#### [To do]
An exact copy of every record below is needed, with all pictures removed.
*** Begin section ***
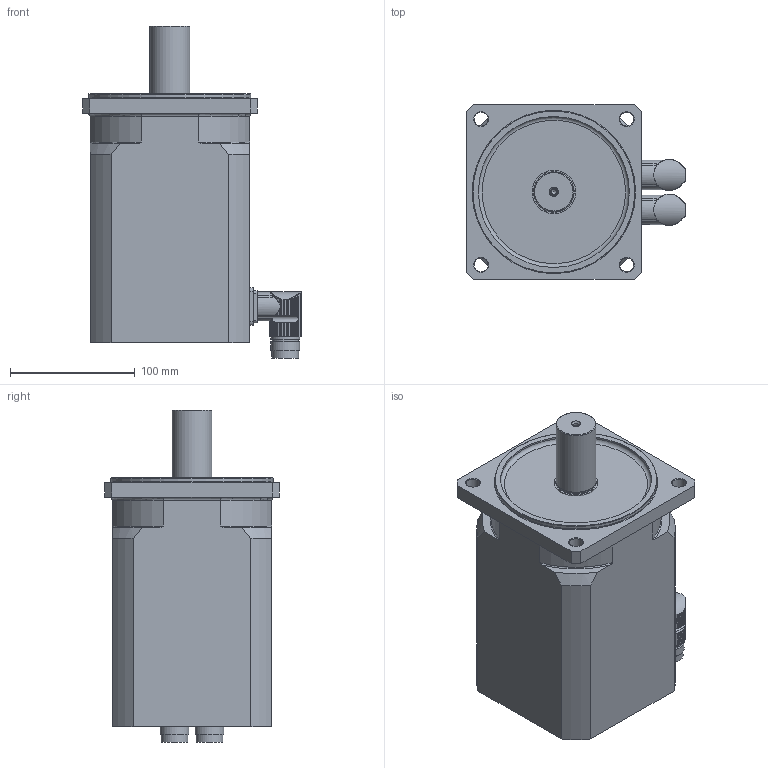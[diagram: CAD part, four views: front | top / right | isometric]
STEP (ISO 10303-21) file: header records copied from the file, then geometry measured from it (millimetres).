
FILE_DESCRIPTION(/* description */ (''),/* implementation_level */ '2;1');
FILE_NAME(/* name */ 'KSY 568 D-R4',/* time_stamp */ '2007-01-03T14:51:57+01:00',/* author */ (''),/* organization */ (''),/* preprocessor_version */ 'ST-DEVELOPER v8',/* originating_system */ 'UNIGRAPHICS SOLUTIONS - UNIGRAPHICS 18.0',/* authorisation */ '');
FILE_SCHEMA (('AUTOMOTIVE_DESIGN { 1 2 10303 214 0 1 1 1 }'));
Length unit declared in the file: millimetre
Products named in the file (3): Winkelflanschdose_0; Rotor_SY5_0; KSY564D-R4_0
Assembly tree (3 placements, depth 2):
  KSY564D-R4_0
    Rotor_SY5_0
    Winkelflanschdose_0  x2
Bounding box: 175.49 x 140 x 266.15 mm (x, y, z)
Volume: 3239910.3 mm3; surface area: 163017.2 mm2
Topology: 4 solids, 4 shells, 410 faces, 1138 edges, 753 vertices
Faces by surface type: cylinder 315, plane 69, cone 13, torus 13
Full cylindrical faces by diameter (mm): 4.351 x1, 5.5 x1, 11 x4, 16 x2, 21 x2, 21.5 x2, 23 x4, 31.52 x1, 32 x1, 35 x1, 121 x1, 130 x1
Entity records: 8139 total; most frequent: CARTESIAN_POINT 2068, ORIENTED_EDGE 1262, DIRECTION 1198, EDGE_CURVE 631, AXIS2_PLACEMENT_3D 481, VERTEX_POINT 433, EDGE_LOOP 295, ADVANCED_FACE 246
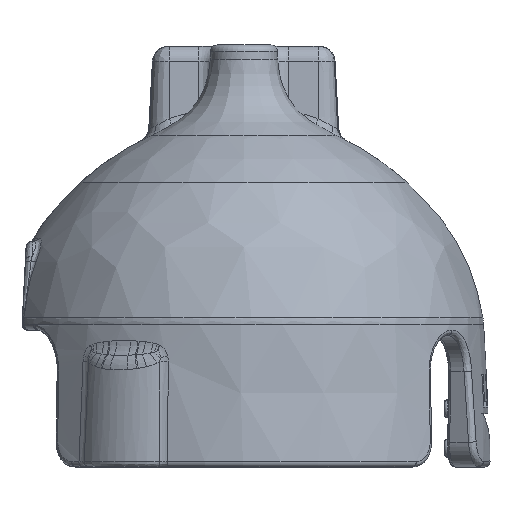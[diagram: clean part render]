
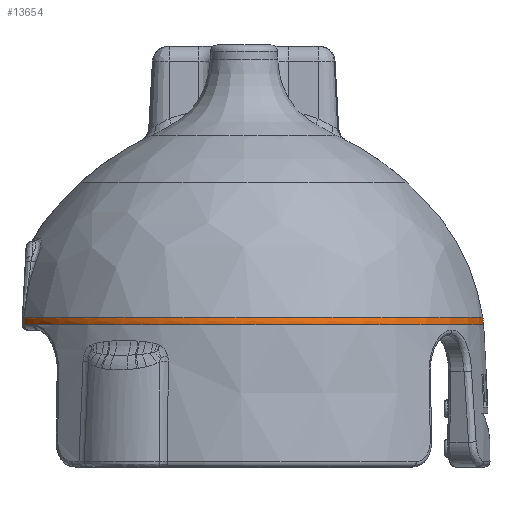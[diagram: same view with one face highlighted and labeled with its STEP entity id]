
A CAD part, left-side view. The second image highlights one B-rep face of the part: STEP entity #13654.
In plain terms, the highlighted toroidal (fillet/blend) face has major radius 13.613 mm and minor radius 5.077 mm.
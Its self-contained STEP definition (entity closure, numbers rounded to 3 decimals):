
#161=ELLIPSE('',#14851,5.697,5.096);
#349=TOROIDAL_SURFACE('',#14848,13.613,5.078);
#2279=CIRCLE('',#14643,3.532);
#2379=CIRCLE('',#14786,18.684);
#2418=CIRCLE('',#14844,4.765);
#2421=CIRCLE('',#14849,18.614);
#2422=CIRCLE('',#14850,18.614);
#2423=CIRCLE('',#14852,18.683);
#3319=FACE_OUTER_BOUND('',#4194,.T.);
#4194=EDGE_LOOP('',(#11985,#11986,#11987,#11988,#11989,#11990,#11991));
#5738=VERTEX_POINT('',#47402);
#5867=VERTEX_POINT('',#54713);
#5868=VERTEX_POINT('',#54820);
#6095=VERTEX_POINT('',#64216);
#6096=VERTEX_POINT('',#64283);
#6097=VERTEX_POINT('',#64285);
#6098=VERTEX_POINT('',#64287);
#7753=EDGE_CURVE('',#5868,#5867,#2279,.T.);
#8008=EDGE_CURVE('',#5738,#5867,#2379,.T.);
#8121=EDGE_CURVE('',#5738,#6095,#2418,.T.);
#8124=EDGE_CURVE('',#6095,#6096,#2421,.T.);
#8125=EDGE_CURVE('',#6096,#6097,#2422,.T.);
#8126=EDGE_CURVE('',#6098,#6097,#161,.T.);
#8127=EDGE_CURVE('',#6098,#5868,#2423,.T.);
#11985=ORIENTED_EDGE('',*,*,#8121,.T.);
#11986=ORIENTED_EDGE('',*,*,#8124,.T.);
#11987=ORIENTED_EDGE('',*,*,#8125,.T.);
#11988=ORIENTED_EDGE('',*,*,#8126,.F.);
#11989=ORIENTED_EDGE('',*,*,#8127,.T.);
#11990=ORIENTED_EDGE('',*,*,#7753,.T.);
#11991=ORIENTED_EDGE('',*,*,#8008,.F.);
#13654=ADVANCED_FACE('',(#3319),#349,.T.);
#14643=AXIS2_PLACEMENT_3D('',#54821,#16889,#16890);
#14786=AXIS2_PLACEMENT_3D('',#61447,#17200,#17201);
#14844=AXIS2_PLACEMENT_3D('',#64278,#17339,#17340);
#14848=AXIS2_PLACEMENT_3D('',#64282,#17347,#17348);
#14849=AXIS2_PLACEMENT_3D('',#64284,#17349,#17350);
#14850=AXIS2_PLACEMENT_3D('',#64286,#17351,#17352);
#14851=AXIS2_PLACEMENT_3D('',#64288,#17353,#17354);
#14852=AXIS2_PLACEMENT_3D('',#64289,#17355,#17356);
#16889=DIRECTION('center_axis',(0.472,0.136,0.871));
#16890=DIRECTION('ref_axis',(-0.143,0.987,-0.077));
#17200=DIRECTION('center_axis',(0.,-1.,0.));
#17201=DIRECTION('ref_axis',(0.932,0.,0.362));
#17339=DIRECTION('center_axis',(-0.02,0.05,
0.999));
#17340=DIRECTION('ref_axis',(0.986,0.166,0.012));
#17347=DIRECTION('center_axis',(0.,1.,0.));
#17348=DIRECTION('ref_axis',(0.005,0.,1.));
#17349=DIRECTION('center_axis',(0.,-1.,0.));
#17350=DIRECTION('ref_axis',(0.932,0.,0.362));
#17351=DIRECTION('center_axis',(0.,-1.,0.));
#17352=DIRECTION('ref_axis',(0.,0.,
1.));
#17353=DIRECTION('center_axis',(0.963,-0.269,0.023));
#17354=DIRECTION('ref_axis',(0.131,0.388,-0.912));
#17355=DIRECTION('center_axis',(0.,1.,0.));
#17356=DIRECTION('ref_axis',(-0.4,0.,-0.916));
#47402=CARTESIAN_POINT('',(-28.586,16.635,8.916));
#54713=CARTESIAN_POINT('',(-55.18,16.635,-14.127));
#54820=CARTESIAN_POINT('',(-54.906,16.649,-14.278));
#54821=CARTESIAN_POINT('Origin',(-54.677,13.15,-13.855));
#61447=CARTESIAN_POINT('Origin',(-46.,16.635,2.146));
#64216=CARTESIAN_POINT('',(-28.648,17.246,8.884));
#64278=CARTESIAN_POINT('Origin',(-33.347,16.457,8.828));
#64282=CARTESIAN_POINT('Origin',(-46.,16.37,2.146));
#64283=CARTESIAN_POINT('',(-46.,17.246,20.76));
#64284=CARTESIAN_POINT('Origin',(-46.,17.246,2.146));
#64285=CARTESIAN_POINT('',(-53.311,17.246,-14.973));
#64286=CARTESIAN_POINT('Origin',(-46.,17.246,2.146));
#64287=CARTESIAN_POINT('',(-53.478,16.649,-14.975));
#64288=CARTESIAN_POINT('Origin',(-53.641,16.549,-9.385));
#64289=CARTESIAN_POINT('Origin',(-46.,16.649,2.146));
*** End section ***
#### [Solution below]
[diagram: CAD part, four views: front | top / right | isometric]
STEP (ISO 10303-21) file: header records copied from the file, then geometry measured from it (millimetres).
FILE_DESCRIPTION(/* description */ (''),/* implementation_level */ '2;1');
FILE_NAME(/* name */ 'KSY 568 D-R4',/* time_stamp */ '2007-01-03T14:51:57+01:00',/* author */ (''),/* organization */ (''),/* preprocessor_version */ 'ST-DEVELOPER v8',/* originating_system */ 'UNIGRAPHICS SOLUTIONS - UNIGRAPHICS 18.0',/* authorisation */ '');
FILE_SCHEMA (('AUTOMOTIVE_DESIGN { 1 2 10303 214 0 1 1 1 }'));
Length unit declared in the file: millimetre
Products named in the file (3): Winkelflanschdose_0; Rotor_SY5_0; KSY564D-R4_0
Assembly tree (3 placements, depth 2):
  KSY564D-R4_0
    Rotor_SY5_0
    Winkelflanschdose_0  x2
Bounding box: 175.49 x 140 x 266.15 mm (x, y, z)
Volume: 3239910.3 mm3; surface area: 163017.2 mm2
Topology: 4 solids, 4 shells, 410 faces, 1138 edges, 753 vertices
Faces by surface type: cylinder 315, plane 69, cone 13, torus 13
Full cylindrical faces by diameter (mm): 4.351 x1, 5.5 x1, 11 x4, 16 x2, 21 x2, 21.5 x2, 23 x4, 31.52 x1, 32 x1, 35 x1, 121 x1, 130 x1
Entity records: 8139 total; most frequent: CARTESIAN_POINT 2068, ORIENTED_EDGE 1262, DIRECTION 1198, EDGE_CURVE 631, AXIS2_PLACEMENT_3D 481, VERTEX_POINT 433, EDGE_LOOP 295, ADVANCED_FACE 246
[diagram: clean part render]
[diagram: same view with one face highlighted and labeled with its STEP entity id]
A CAD part, left-side view. The second image highlights one B-rep face of the part: STEP entity #13654.
In plain terms, the highlighted toroidal (fillet/blend) face has major radius 13.613 mm and minor radius 5.077 mm.
Its self-contained STEP definition (entity closure, numbers rounded to 3 decimals):
#161=ELLIPSE('',#14851,5.697,5.096);
#349=TOROIDAL_SURFACE('',#14848,13.613,5.078);
#2279=CIRCLE('',#14643,3.532);
#2379=CIRCLE('',#14786,18.684);
#2418=CIRCLE('',#14844,4.765);
#2421=CIRCLE('',#14849,18.614);
#2422=CIRCLE('',#14850,18.614);
#2423=CIRCLE('',#14852,18.683);
#3319=FACE_OUTER_BOUND('',#4194,.T.);
#4194=EDGE_LOOP('',(#11985,#11986,#11987,#11988,#11989,#11990,#11991));
#5738=VERTEX_POINT('',#47402);
#5867=VERTEX_POINT('',#54713);
#5868=VERTEX_POINT('',#54820);
#6095=VERTEX_POINT('',#64216);
#6096=VERTEX_POINT('',#64283);
#6097=VERTEX_POINT('',#64285);
#6098=VERTEX_POINT('',#64287);
#7753=EDGE_CURVE('',#5868,#5867,#2279,.T.);
#8008=EDGE_CURVE('',#5738,#5867,#2379,.T.);
#8121=EDGE_CURVE('',#5738,#6095,#2418,.T.);
#8124=EDGE_CURVE('',#6095,#6096,#2421,.T.);
#8125=EDGE_CURVE('',#6096,#6097,#2422,.T.);
#8126=EDGE_CURVE('',#6098,#6097,#161,.T.);
#8127=EDGE_CURVE('',#6098,#5868,#2423,.T.);
#11985=ORIENTED_EDGE('',*,*,#8121,.T.);
#11986=ORIENTED_EDGE('',*,*,#8124,.T.);
#11987=ORIENTED_EDGE('',*,*,#8125,.T.);
#11988=ORIENTED_EDGE('',*,*,#8126,.F.);
#11989=ORIENTED_EDGE('',*,*,#8127,.T.);
#11990=ORIENTED_EDGE('',*,*,#7753,.T.);
#11991=ORIENTED_EDGE('',*,*,#8008,.F.);
#13654=ADVANCED_FACE('',(#3319),#349,.T.);
#14643=AXIS2_PLACEMENT_3D('',#54821,#16889,#16890);
#14786=AXIS2_PLACEMENT_3D('',#61447,#17200,#17201);
#14844=AXIS2_PLACEMENT_3D('',#64278,#17339,#17340);
#14848=AXIS2_PLACEMENT_3D('',#64282,#17347,#17348);
#14849=AXIS2_PLACEMENT_3D('',#64284,#17349,#17350);
#14850=AXIS2_PLACEMENT_3D('',#64286,#17351,#17352);
#14851=AXIS2_PLACEMENT_3D('',#64288,#17353,#17354);
#14852=AXIS2_PLACEMENT_3D('',#64289,#17355,#17356);
#16889=DIRECTION('center_axis',(0.472,0.136,0.871));
#16890=DIRECTION('ref_axis',(-0.143,0.987,-0.077));
#17200=DIRECTION('center_axis',(0.,-1.,0.));
#17201=DIRECTION('ref_axis',(0.932,0.,0.362));
#17339=DIRECTION('center_axis',(-0.02,0.05,
0.999));
#17340=DIRECTION('ref_axis',(0.986,0.166,0.012));
#17347=DIRECTION('center_axis',(0.,1.,0.));
#17348=DIRECTION('ref_axis',(0.005,0.,1.));
#17349=DIRECTION('center_axis',(0.,-1.,0.));
#17350=DIRECTION('ref_axis',(0.932,0.,0.362));
#17351=DIRECTION('center_axis',(0.,-1.,0.));
#17352=DIRECTION('ref_axis',(0.,0.,
1.));
#17353=DIRECTION('center_axis',(0.963,-0.269,0.023));
#17354=DIRECTION('ref_axis',(0.131,0.388,-0.912));
#17355=DIRECTION('center_axis',(0.,1.,0.));
#17356=DIRECTION('ref_axis',(-0.4,0.,-0.916));
#47402=CARTESIAN_POINT('',(-28.586,16.635,8.916));
#54713=CARTESIAN_POINT('',(-55.18,16.635,-14.127));
#54820=CARTESIAN_POINT('',(-54.906,16.649,-14.278));
#54821=CARTESIAN_POINT('Origin',(-54.677,13.15,-13.855));
#61447=CARTESIAN_POINT('Origin',(-46.,16.635,2.146));
#64216=CARTESIAN_POINT('',(-28.648,17.246,8.884));
#64278=CARTESIAN_POINT('Origin',(-33.347,16.457,8.828));
#64282=CARTESIAN_POINT('Origin',(-46.,16.37,2.146));
#64283=CARTESIAN_POINT('',(-46.,17.246,20.76));
#64284=CARTESIAN_POINT('Origin',(-46.,17.246,2.146));
#64285=CARTESIAN_POINT('',(-53.311,17.246,-14.973));
#64286=CARTESIAN_POINT('Origin',(-46.,17.246,2.146));
#64287=CARTESIAN_POINT('',(-53.478,16.649,-14.975));
#64288=CARTESIAN_POINT('Origin',(-53.641,16.549,-9.385));
#64289=CARTESIAN_POINT('Origin',(-46.,16.649,2.146));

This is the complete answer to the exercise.